La startup australienne Cortical Labs vient de franchir une étape majeure dans le développement de l’intelligence artificielle en lançant le CL1, un ordinateur fonctionnant non pas avec des circuits électroniques classiques, mais avec des neurones humains vivants. Un projet qui pourrait redéfinir la frontière entre biologie et technologie.
Un ordinateur qui pense… biologiquement
Le CL1 ne ressemble à aucun autre ordinateur commercialisé jusqu’ici. Au cœur de cet appareil se trouvent des cellules neuronales humaines, cultivées à partir de cellules souches, installées sur une plaque de verre dotée de 59 électrodes. Ces capteurs assurent une communication bidirectionnelle entre les signaux biologiques et numériques, traduisant l’activité cérébrale en données informatiques et inversement.
Pour garantir la survie de ces neurones, Cortical Labs a développé un système de microenvironnement artificiel inspiré du corps humain. Un réseau de pompes simule la circulation sanguine, des filtres nettoient les déchets métaboliques, et un mélange gazeux contrôlé fournit oxygène, dioxyde de carbone et azote, maintenant les cellules dans des conditions optimales.
Vers un apprentissage organique
L’un des objectifs affichés par l’entreprise est d’approcher une forme d’apprentissage biologique. Contrairement aux IA classiques basées sur des algorithmes mathématiques, le CL1 apprend en fonction de stimuli neuronaux, à la manière du cerveau humain.

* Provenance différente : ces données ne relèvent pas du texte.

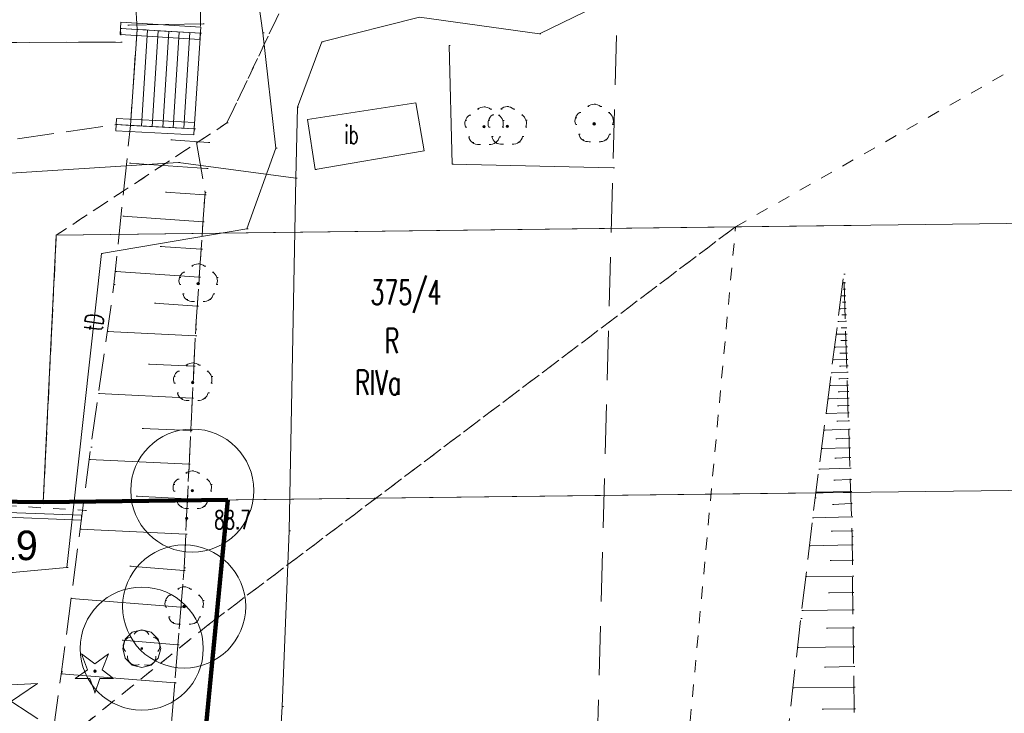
# Model space of a CAD drawing. Extents: x -134780 to 5540120, y 74663 to 5964901.
# Tile 60 of 71: x 5539606 to 5539646, y 5961345 to 5961373. Entities that reach past the tile are written whole.
import ezdxf
from ezdxf.lldxf.tags import DXFTag

# ---------------------------------------------------------------- set-up
doc = ezdxf.new("R2010")
doc.units = 0
doc.header["$MEASUREMENT"] = 0
doc.set_wipeout_variables(frame=1)
for name, pattern in [('L_0_03', [1, 0.5, -0.5]), ('L_0_06', [2, 1.5, -0.5]), ('L_0_0C', [3, 2, -1]), ('Wipeout_Contour', [1000, 0, -1000])]:
    doc.linetypes.add(name, pattern=pattern)
for name, color, linetype, lineweight in [('000_Inne__niezydentyfikowane__Nr_Pióra__7', 7, 'Continuous', 13), ('0_Nr_Pióra__7', 7, 'Continuous', 13), ('ARCH MAPA RUSINOWO_Nr_Pióra__60', 230, 'Continuous', 211), ('Arch opisy_Nr_Pióra__80', 3, 'Continuous', 211), ('Arch schody_Nr_Pióra__21', 7, 'Continuous', 9), ('bt_Nr_Pióra__7', 7, 'Continuous', 13), ('drzewo_lisciaste_Nr_Pióra__7', 7, 'Continuous', 13), ('foliak_dla_projektanta_Nr_Pióra__5', 7, 'Continuous', 13), ('inny_obiekt_zagospodarowania_terenu_Nr_Pióra__7', 7, 'Continuous', 13), ('INWENT RZĘDNE_Nr_Pióra__21', 7, 'Continuous', 9), ('KR_ObiektKarto_Nr_Pióra__7', 7, 'Continuous', 13), ('kraw_Nr_Pióra__7', 7, 'Continuous', 13), ('kraweznik_Nr_Pióra__7', 7, 'Continuous', 13), ('mapa', 7, 'Continuous', 13), ('mur_op_Nr_Pióra__7', 7, 'Continuous', 13), ('ogr_Nr_Pióra__7', 7, 'Continuous', 13), ('pikieta_naturalna_Atr2_Nr_Pióra__7', 7, 'Continuous', 13), ('pikieta_naturalna_Nr_Pióra__7', 7, 'Continuous', 13), ('przewod_gazowy_Nr_Pióra__7', 7, 'Continuous', 13), ('przewod_telekomunikacyjny_podziemny_Atr1_Nr_Pióra__7', 7, 'Continuous', 13), ('przewod_telekomunikacyjny_podziemny_Nr_Pióra__7', 7, 'Continuous', 13), ('sch_Nr_Pióra__7', 7, 'Continuous', 13), ('skarpa_nieumocniona_Nr_Pióra__7', 7, 'Continuous', 13), ('Zakres_Nr_Pióra__7', 7, 'Continuous', 13), ('zasuwa_lub_zawor_Nr_Pióra__7', 7, 'Continuous', 13)]:
    doc.layers.add(name, color=color, linetype=linetype, lineweight=lineweight)
for name, color, linetype, lineweight, true_color in [('209_oznaczenie_konturu_klasyfikacyjnego_Nr_Pióra__3', 7, 'Continuous', 18, 0xff6600), ('210_oznaczenie_konturu_uzytku_gruntowego_Nr_Pióra__3', 7, 'Continuous', 18, 0xff6600), ('211_numer_dzialki_ewidencyjnej_Nr_Pióra__96', 7, 'Continuous', 13, 0x00d59f), ('217_kontur_klasyfikacyjny_Nr_Pióra__3', 7, 'Continuous', 18, 0xff6600), ('218_kontur_uzytku_gruntowego_Nr_Pióra__3', 7, 'Continuous', 18, 0xff6600), ('219_dzialka_ewidencyjna_Nr_Pióra__96', 7, 'Continuous', 13, 0x00d59f), ('Arch zieleń_Nr_Pióra__4', 7, 'Continuous', 9, 0x029e21), ('IT_Nr_Pióra__96', 7, 'Continuous', 13, 0x00d59f), ('OT_ZagospodarowanieTerenu_P_Nr_Pióra__96', 7, 'Continuous', 13, 0x00d59f)]:
    doc.layers.add(name, color=color, linetype=linetype, lineweight=lineweight, true_color=true_color)
doc.layers.add('INWENT RZĘDNE', color=7, linetype='Continuous')
doc.layers.add('OT_ZagospodarowanieTerenu_P', color=7, linetype='Continuous')
doc.styles.add('GENERATED_STYLE_1', font='txt')
doc.styles.add('GENERATED_STYLE_7', font='Simplex.shx', dxfattribs={"bigfont": 'BIGFONT.SHX'})
tags = doc.linetypes.add('DASH', pattern=[15, 10, -5]).pattern_tags.tags
tags[6:7] = [DXFTag(74, 4), DXFTag(75, 0), DXFTag(340, '0'), DXFTag(46, 0.0), DXFTag(50, 0.0), DXFTag(44, 0.0), DXFTag(45, 0.0)]
tags[4:5] = [DXFTag(74, 4), DXFTag(75, 0), DXFTag(340, '0'), DXFTag(46, 0.0), DXFTag(50, 0.0), DXFTag(44, 0.0), DXFTag(45, 0.0)]
doc.linetypes.add('L_0_15_SHX', pattern='A,0,[2,Rusinowo ZAGOSPODAROWANIE1.Shx,S=7.5,R=0,X=0,Y=0],-7.5,0', length=7.5)
doc.linetypes.add('L_0_29_SHX', pattern='A,0,[1,Rusinowo ZAGOSPODAROWANIE1.Shx,S=5,R=0,X=0,Y=0],-5,0', length=5)

# ---------------------------------------------------------------- blocks, each defined once
blk = doc.blocks.new('Koty wysokościowe_29', base_point=(-112515, 124197))
at = {"layer": 'INWENT RZĘDNE_Nr_Pióra__21', "linetype": 'Continuous'}
for points in [[(-112515, 124197), (-111915, 124197), (-111960, 124426), (-112091, 124621), (-112285, 124751), (-112515, 124797)], [(-112515, 124197), (-113115, 124197), (-113069, 123967), (-112939, 123772), (-112744, 123642), (-112515, 123597)]]:
    blk.add_hatch(color=256, dxfattribs=at).paths.add_polyline_path(points, flags=0)
for p, q in [((-112515, 122997), (-112515, 125397)), ((-113715, 124197), (-111315, 124197))]:
    blk.add_line(p, q, dxfattribs=at)
blk.add_circle((-112515, 124197), 600, dxfattribs=at)
at = {"layer": 'INWENT RZĘDNE_Nr_Pióra__21', "insert": (-111315, 125397), "char_height": 1200, "attachment_point": 7, "style": 'GENERATED_STYLE_1'}
blk.add_mtext('{85,19}', dxfattribs=at)
blk = doc.blocks.new('mapa')
at = {"layer": 'drzewo_lisciaste_Nr_Pióra__7', "linetype": 'Continuous'}
for points in [[(5539624.66, 5961368.56, 1), (5539624.66, 5961368.66, 1)], [(5539625.6, 5961368.57, 1), (5539625.6, 5961368.67, 1)], [(5539629.13, 5961368.67, 1), (5539629.13, 5961368.77, 1)], [(5539613.05, 5961362.18, 1), (5539613.05, 5961362.28, 1)], [(5539612.83, 5961358.16, 1), (5539612.83, 5961358.26, 1)], [(5539612.81, 5961353.77, 1), (5539612.81, 5961353.87, 1)], [(5539612.48, 5961349.06, 1), (5539612.48, 5961349.16, 1)]]:
    blk.add_hatch(color=252, dxfattribs=at).paths.add_polyline_path(points, flags=0)
at = {"layer": 'pikieta_naturalna_Nr_Pióra__7', "linetype": 'Continuous'}
blk.add_hatch(color=252, dxfattribs=at).paths.add_polyline_path([(5539612.58, 5961352.645, 1), (5539612.58, 5961352.735, 1)], flags=0)
at = {"layer": '000_Inne__niezydentyfikowane__Nr_Pióra__7', "color": 252, "linetype": 'Continuous', "flags": 128}
for points in [[(5539613.25, 5961372.79), (5539610.2, 5961372.73)], [(5539613.47, 5961367.97), (5539611.94, 5961368.07)], [(5539613.4, 5961366.91), (5539610.26, 5961367.13)], [(5539613.32, 5961365.84), (5539611.72, 5961365.95)], [(5539613.25, 5961364.74), (5539609.99, 5961364.97)], [(5539613.17, 5961363.63), (5539611.51, 5961363.74)], [(5539613.09, 5961362.49), (5539609.7, 5961362.72)], [(5539639.28, 5961362.26), (5539639.22, 5961362.26)], [(5539639.29, 5961362), (5539639.24, 5961362)], [(5539613.01, 5961361.32), (5539611.28, 5961361.43)], [(5539639.3, 5961361.74), (5539639.16, 5961361.74)], [(5539639.3, 5961361.48), (5539639.21, 5961361.48)], [(5539639.31, 5961361.22), (5539639.09, 5961361.21)], [(5539639.33, 5961360.7), (5539639.02, 5961360.69)], [(5539639.32, 5961360.96), (5539639.19, 5961360.96)], [(5539612.94, 5961360.11), (5539609.36, 5961360.28)], [(5539639.34, 5961360.44), (5539639.16, 5961360.44)], [(5539639.35, 5961360.18), (5539638.96, 5961360.17)], [(5539639.35, 5961359.92), (5539639.14, 5961359.92)], [(5539639.36, 5961359.66), (5539638.89, 5961359.65)], [(5539639.37, 5961359.41), (5539639.11, 5961359.4)], [(5539639.38, 5961359.15), (5539638.82, 5961359.13)], [(5539612.88, 5961358.87), (5539611.03, 5961358.96)], [(5539639.39, 5961358.63), (5539638.75, 5961358.61)], [(5539639.39, 5961358.89), (5539639.09, 5961358.88)], [(5539639.4, 5961358.37), (5539639.06, 5961358.36)], [(5539639.41, 5961358.11), (5539638.69, 5961358.09)], [(5539639.42, 5961357.85), (5539639.04, 5961357.84)], [(5539612.81, 5961357.58), (5539609, 5961357.77)], [(5539639.43, 5961357.57), (5539638.62, 5961357.55)], [(5539639.43, 5961357.28), (5539639.01, 5961357.27)], [(5539639.44, 5961356.98), (5539638.54, 5961356.95)], [(5539639.45, 5961356.65), (5539638.98, 5961356.64)], [(5539612.75, 5961356.26), (5539610.78, 5961356.35)], [(5539639.47, 5961356.31), (5539638.46, 5961356.28)], [(5539639.48, 5961355.95), (5539638.94, 5961355.93)], [(5539639.49, 5961355.56), (5539638.36, 5961355.53)], [(5539612.68, 5961354.89), (5539608.63, 5961355.09)], [(5539639.5, 5961355.16), (5539638.9, 5961355.14)], [(5539639.51, 5961354.73), (5539638.25, 5961354.69)], [(5539639.53, 5961354.27), (5539638.86, 5961354.25)], [(5539639.54, 5961353.79), (5539638.13, 5961353.75)], [(5539612.62, 5961353.49), (5539610.53, 5961353.59)], [(5539639.56, 5961353.29), (5539638.81, 5961353.26)], [(5539639.58, 5961352.75), (5539638, 5961352.71)], [(5539612.55, 5961352.05), (5539608.26, 5961352.25)], [(5539639.59, 5961352.19), (5539638.76, 5961352.17)], [(5539639.6, 5961351.61), (5539637.87, 5961351.58)], [(5539639.61, 5961350.99), (5539638.71, 5961350.98)], [(5539612.47, 5961350.57), (5539610.28, 5961350.75)], [(5539639.62, 5961350.35), (5539637.72, 5961350.33)], [(5539612.35, 5961349.08), (5539607.89, 5961349.44)], [(5539639.63, 5961349.68), (5539638.64, 5961349.66)], [(5539639.64, 5961348.97), (5539637.56, 5961348.95)], [(5539639.65, 5961348.24), (5539638.56, 5961348.23)], [(5539639.66, 5961347.47), (5539637.39, 5961347.44)], [(5539639.67, 5961346.67), (5539638.48, 5961346.65)], [(5539639.68, 5961345.83), (5539637.2, 5961345.8)], [(5539639.69, 5961344.95), (5539638.39, 5961344.94)]]:
    blk.add_lwpolyline(points, dxfattribs=at)
at = {"layer": '0_Nr_Pióra__7', "color": 252, "linetype": 'Continuous'}
for p, q in [((5539609.899, 5961372.602), (5539609.949, 5961372.602)), ((5539610.2, 5961372.73), (5539610.25, 5961372.73)), ((5539613.25, 5961372.79), (5539613.3, 5961372.79)), ((5539610.57, 5961372.56), (5539610.62, 5961372.56)), ((5539613.14, 5961372.4), (5539613.19, 5961372.4)), ((5539615.68, 5961372.42), (5539615.73, 5961372.42)), ((5539626.91, 5961372.38), (5539626.96, 5961372.38)), ((5539609.907, 5961372.039), (5539609.957, 5961372.039)), ((5539609.91, 5961372.04), (5539609.96, 5961372.04)), ((5539618.07, 5961372.06), (5539618.12, 5961372.06)), ((5539623.236, 5961371.901), (5539623.286, 5961371.901)), ((5539617.08, 5961369.4), (5539617.13, 5961369.4)), ((5539624.66, 5961369.41), (5539624.71, 5961369.41)), ((5539625.6, 5961369.42), (5539625.65, 5961369.42)), ((5539628.869, 5961369.423), (5539628.919, 5961369.423)), ((5539629.13, 5961369.52), (5539629.18, 5961369.52)), ((5539629.391, 5961369.423), (5539629.441, 5961369.423)), ((5539624.072, 5961369.076), (5539624.122, 5961369.076)), ((5539624.399, 5961369.313), (5539624.449, 5961369.313)), ((5539624.921, 5961369.313), (5539624.971, 5961369.313)), ((5539625.012, 5961369.086), (5539625.062, 5961369.086)), ((5539625.248, 5961369.076), (5539625.298, 5961369.076)), ((5539625.339, 5961369.323), (5539625.389, 5961369.323)), ((5539625.861, 5961369.323), (5539625.911, 5961369.323)), ((5539626.188, 5961369.086), (5539626.238, 5961369.086)), ((5539628.542, 5961369.186), (5539628.592, 5961369.186)), ((5539629.718, 5961369.186), (5539629.768, 5961369.186)), ((5539609.722, 5961368.694), (5539609.772, 5961368.694)), ((5539610.3, 5961368.66), (5539610.35, 5961368.66)), ((5539614.22, 5961368.76), (5539614.27, 5961368.76)), ((5539623.9, 5961368.858), (5539623.95, 5961368.858)), ((5539624.66, 5961368.61), (5539624.71, 5961368.61)), ((5539624.84, 5961368.868), (5539624.89, 5961368.868)), ((5539624.851, 5961368.591), (5539624.901, 5961368.591)), ((5539625.42, 5961368.858), (5539625.47, 5961368.858)), ((5539625.6, 5961368.62), (5539625.65, 5961368.62)), ((5539626.349, 5961368.591), (5539626.399, 5961368.591)), ((5539626.36, 5961368.868), (5539626.41, 5961368.868)), ((5539628.37, 5961368.968), (5539628.42, 5961368.968)), ((5539628.381, 5961368.691), (5539628.431, 5961368.691)), ((5539629.13, 5961368.72), (5539629.18, 5961368.72)), ((5539629.879, 5961368.691), (5539629.929, 5961368.691)), ((5539629.89, 5961368.968), (5539629.94, 5961368.968)), ((5539612.89, 5961368.52), (5539612.94, 5961368.52)), ((5539623.911, 5961368.581), (5539623.961, 5961368.581)), ((5539624.036, 5961368.195), (5539624.086, 5961368.195)), ((5539624.976, 5961368.205), (5539625.026, 5961368.205)), ((5539625.284, 5961368.195), (5539625.334, 5961368.195)), ((5539625.409, 5961368.581), (5539625.459, 5961368.581)), ((5539626.224, 5961368.205), (5539626.274, 5961368.205)), ((5539628.506, 5961368.305), (5539628.556, 5961368.305)), ((5539629.754, 5961368.305), (5539629.804, 5961368.305)), ((5539611.94, 5961368.07), (5539611.99, 5961368.07)), ((5539613.47, 5961367.97), (5539613.52, 5961367.97)), ((5539624.19, 5961367.962), (5539624.24, 5961367.962)), ((5539624.459, 5961367.887), (5539624.509, 5961367.887)), ((5539624.861, 5961367.887), (5539624.911, 5961367.887)), ((5539625.13, 5961367.962), (5539625.18, 5961367.962)), ((5539625.399, 5961367.897), (5539625.449, 5961367.897)), ((5539625.801, 5961367.897), (5539625.851, 5961367.897)), ((5539626.07, 5961367.972), (5539626.12, 5961367.972)), ((5539628.66, 5961368.072), (5539628.71, 5961368.072)), ((5539628.929, 5961367.997), (5539628.979, 5961367.997)), ((5539629.331, 5961367.997), (5539629.381, 5961367.997)), ((5539629.6, 5961368.072), (5539629.65, 5961368.072)), ((5539616.21, 5961367.74), (5539616.26, 5961367.74)), ((5539610.26, 5961367.13), (5539610.31, 5961367.13)), ((5539612.25, 5961367.15), (5539612.3, 5961367.15)), ((5539623.368, 5961367.079), (5539623.418, 5961367.079)), ((5539613.4, 5961366.91), (5539613.45, 5961366.91)), ((5539617.806, 5961366.87), (5539617.856, 5961366.87)), ((5539629.9, 5961366.94), (5539629.95, 5961366.94)), ((5539617.02, 5961366.51), (5539617.07, 5961366.51)), ((5539611.72, 5961365.95), (5539611.77, 5961365.95)), ((5539613.32, 5961365.84), (5539613.37, 5961365.84)), ((5539613.33, 5961365.93), (5539613.38, 5961365.93)), ((5539609.99, 5961364.97), (5539610.04, 5961364.97)), ((5539613.25, 5961364.74), (5539613.3, 5961364.74)), ((5539615.03, 5961364.46), (5539615.08, 5961364.46)), ((5539634.87, 5961364.54), (5539634.92, 5961364.54)), ((5539609.12, 5961363.45), (5539609.17, 5961363.45)), ((5539611.51, 5961363.74), (5539611.56, 5961363.74)), ((5539613.17, 5961363.63), (5539613.22, 5961363.63)), ((5539613.05, 5961363.03), (5539613.1, 5961363.03)), ((5539609.7, 5961362.72), (5539609.75, 5961362.72)), ((5539612.462, 5961362.696), (5539612.512, 5961362.696)), ((5539612.789, 5961362.933), (5539612.839, 5961362.933)), ((5539613.311, 5961362.933), (5539613.361, 5961362.933)), ((5539613.638, 5961362.696), (5539613.688, 5961362.696)), ((5539639.27, 5961362.61), (5539639.32, 5961362.61)), ((5539609.63, 5961362.19), (5539609.68, 5961362.19)), ((5539612.29, 5961362.478), (5539612.34, 5961362.478)), ((5539612.301, 5961362.201), (5539612.351, 5961362.201)), ((5539613.05, 5961362.23), (5539613.1, 5961362.23)), ((5539613.09, 5961362.49), (5539613.14, 5961362.49)), ((5539613.799, 5961362.201), (5539613.849, 5961362.201)), ((5539613.81, 5961362.478), (5539613.86, 5961362.478)), ((5539639.22, 5961362.26), (5539639.27, 5961362.26)), ((5539639.28, 5961362.26), (5539639.33, 5961362.26)), ((5539612.426, 5961361.815), (5539612.476, 5961361.815)), ((5539613.674, 5961361.815), (5539613.724, 5961361.815)), ((5539639.24, 5961362), (5539639.29, 5961362)), ((5539639.29, 5961362), (5539639.34, 5961362)), ((5539611.28, 5961361.43), (5539611.33, 5961361.43)), ((5539612.58, 5961361.582), (5539612.63, 5961361.582)), ((5539612.849, 5961361.507), (5539612.899, 5961361.507)), ((5539613.251, 5961361.507), (5539613.301, 5961361.507)), ((5539613.52, 5961361.582), (5539613.57, 5961361.582)), ((5539639.16, 5961361.74), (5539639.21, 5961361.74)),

Une interface logicielle propriétaire permet déjà d’interpréter les impulsions neuronales, et les premiers tests, comme celui du jeu Pong, ont démontré que le bio-ordinateur pouvait adapter ses réponses avec le temps, signe d’un apprentissage rudimentaire.
Location de puissance biologique et perspectives
Outre la vente du CL1 — proposée à environ 40 000 dollars — Cortical Labs entend louer l’accès à sa puissance de calcul biologique via des centres spécialisés. Une alternative plus abordable pour les chercheurs, startups et entreprises souhaitant explorer les capacités de ce type d’infrastructure.
À terme, l’ambition est claire : dépasser les performances des IA traditionnelles, en rapprochant la machine du raisonnement humain. Des applications sont déjà envisagées dans la recherche médicale, la modélisation de données complexes ou encore les interfaces homme-machine de prochaine génération.
Des défis scientifiques et éthiques
Si cette technologie marque un tournant, de nombreuses incertitudes demeurent. Les performances du CL1 restent loin des standards atteints par des IA comme ChatGPT ou Gemini. L’approche biologique introduit une complexité nouvelle, moins prédictible que les architectures traditionnelles fondées sur le deep learning.
Par ailleurs, l’utilisation de neurones humains soulève des questions éthiques, notamment en matière de consentement, de statut des cellules et d’exploitation du vivant à des fins commerciales ou expérimentales. Des débats qui seront au cœur des prochaines années, à mesure que ces technologies gagneront en maturité.
Une révolution en marche ?
Avec le CL1, Cortical Labs propose un nouveau paradigme de l’intelligence artificielle : un système qui n’imite pas seulement le cerveau, mais qui en utilise les composants fondamentaux. Si les promesses sont nombreuses, seule l’évolution de la recherche dira si cette innovation constitue un tournant majeur ou une simple étape expérimentale.
« C’est une fusion inédite entre l’homme et la machine », déclarait récemment un représentant de l’équipe de recherche, soulignant l’ambition de créer une technologie aussi vivante que performante.